:: EXERCISE DATA

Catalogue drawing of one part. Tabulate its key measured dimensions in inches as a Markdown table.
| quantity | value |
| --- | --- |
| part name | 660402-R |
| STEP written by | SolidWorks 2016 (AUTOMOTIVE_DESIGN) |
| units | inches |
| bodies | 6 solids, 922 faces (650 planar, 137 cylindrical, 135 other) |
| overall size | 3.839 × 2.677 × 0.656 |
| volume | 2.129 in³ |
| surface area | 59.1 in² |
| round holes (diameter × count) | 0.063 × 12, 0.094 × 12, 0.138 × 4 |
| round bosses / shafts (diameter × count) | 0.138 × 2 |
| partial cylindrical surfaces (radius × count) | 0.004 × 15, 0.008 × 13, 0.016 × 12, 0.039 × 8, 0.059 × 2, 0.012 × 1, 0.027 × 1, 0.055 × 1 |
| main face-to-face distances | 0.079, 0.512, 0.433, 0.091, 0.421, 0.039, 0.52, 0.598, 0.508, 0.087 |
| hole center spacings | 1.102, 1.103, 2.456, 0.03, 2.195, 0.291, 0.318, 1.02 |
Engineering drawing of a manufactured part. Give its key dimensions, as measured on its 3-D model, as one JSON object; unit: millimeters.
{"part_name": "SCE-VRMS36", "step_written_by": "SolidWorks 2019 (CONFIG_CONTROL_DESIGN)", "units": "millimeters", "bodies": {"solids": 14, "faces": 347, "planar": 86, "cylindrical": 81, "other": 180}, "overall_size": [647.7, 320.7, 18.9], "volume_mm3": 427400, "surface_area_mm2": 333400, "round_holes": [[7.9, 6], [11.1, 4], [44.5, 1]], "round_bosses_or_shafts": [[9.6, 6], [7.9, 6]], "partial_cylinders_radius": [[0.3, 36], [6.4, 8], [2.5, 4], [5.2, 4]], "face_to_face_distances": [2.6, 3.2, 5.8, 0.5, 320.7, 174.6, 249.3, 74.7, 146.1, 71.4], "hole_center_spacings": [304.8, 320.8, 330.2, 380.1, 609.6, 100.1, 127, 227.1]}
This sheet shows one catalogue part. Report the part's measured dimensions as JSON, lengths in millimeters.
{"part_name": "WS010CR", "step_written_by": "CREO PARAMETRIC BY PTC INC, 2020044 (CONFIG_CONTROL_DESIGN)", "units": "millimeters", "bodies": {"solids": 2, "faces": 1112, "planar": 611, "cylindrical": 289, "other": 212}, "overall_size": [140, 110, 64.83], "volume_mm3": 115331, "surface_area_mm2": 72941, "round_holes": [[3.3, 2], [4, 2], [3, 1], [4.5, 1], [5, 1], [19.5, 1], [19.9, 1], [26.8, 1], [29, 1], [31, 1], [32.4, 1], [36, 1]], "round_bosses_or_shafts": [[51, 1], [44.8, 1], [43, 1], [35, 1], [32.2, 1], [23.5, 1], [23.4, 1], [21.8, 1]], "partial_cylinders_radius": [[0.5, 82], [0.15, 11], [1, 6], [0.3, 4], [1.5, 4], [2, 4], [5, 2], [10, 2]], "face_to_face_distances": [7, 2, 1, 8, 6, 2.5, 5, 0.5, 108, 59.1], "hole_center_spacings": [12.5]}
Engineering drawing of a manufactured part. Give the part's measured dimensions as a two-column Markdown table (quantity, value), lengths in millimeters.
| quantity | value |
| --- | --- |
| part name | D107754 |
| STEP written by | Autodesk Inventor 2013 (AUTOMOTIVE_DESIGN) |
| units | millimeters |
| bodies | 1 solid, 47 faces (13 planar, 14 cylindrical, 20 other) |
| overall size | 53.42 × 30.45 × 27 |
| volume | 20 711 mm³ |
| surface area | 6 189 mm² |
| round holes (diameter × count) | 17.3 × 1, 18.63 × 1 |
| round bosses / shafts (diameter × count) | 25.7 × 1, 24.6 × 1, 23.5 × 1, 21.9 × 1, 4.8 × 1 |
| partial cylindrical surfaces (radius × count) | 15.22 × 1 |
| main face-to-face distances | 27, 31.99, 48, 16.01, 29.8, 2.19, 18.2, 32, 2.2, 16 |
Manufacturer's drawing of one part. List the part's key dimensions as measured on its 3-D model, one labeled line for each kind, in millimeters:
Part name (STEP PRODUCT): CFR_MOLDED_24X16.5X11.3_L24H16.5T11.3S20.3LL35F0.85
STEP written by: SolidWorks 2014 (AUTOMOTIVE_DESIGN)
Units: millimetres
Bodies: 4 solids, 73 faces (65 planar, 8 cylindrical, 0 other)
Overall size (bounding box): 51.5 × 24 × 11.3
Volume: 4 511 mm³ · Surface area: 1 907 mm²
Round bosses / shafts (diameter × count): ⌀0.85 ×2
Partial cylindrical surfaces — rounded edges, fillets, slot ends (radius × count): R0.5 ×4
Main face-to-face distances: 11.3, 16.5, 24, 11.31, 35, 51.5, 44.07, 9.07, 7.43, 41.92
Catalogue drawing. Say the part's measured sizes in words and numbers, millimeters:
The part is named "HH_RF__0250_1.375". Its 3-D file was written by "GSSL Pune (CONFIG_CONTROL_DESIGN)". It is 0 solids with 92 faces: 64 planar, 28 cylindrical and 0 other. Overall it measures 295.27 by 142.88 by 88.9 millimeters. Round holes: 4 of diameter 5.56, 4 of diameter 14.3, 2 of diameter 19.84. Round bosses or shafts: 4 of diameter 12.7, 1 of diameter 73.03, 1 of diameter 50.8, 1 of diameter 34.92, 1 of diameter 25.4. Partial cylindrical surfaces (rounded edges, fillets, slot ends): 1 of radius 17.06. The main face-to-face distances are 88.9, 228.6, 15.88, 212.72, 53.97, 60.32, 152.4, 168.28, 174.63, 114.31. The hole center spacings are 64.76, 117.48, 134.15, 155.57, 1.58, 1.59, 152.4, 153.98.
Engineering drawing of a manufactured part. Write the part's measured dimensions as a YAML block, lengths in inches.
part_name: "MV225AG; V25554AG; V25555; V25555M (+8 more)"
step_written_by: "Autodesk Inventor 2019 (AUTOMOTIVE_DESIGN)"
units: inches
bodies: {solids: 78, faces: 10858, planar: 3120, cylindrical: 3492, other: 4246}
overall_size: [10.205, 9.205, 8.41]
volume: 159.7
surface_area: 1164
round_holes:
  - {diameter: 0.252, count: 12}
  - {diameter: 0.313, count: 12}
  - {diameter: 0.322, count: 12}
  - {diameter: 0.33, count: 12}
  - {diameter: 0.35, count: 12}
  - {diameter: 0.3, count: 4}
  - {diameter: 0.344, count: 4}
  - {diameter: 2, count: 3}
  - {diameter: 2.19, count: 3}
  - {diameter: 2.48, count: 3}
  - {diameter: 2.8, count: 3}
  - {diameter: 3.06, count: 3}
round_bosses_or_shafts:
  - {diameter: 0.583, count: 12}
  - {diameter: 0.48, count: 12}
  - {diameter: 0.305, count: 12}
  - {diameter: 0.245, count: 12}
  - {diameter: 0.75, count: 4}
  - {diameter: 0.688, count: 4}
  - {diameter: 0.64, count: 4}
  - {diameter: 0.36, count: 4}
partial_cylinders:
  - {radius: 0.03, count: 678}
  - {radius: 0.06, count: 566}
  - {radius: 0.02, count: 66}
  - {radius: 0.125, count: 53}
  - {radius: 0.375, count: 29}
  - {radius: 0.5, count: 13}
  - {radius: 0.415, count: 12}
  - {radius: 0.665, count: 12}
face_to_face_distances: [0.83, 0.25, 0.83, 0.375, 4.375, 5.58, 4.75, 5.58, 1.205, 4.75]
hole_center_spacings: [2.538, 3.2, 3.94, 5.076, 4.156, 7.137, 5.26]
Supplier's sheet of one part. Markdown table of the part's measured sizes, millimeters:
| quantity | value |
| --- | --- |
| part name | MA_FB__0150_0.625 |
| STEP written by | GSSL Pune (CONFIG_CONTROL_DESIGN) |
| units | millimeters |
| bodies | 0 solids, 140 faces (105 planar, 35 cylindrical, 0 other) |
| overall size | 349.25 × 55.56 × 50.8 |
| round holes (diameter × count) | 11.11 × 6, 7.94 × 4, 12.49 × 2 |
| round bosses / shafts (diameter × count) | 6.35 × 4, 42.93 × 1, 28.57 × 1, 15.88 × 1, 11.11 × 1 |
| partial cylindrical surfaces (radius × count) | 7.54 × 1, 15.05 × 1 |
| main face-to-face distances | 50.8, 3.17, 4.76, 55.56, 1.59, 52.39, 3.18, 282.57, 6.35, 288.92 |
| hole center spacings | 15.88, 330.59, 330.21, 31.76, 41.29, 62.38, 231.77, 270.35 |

::::

## [TO DO]
Within the entries, count the lines that contain the word "JSON". Give that number and no more.

## [ANSWER BOX]
2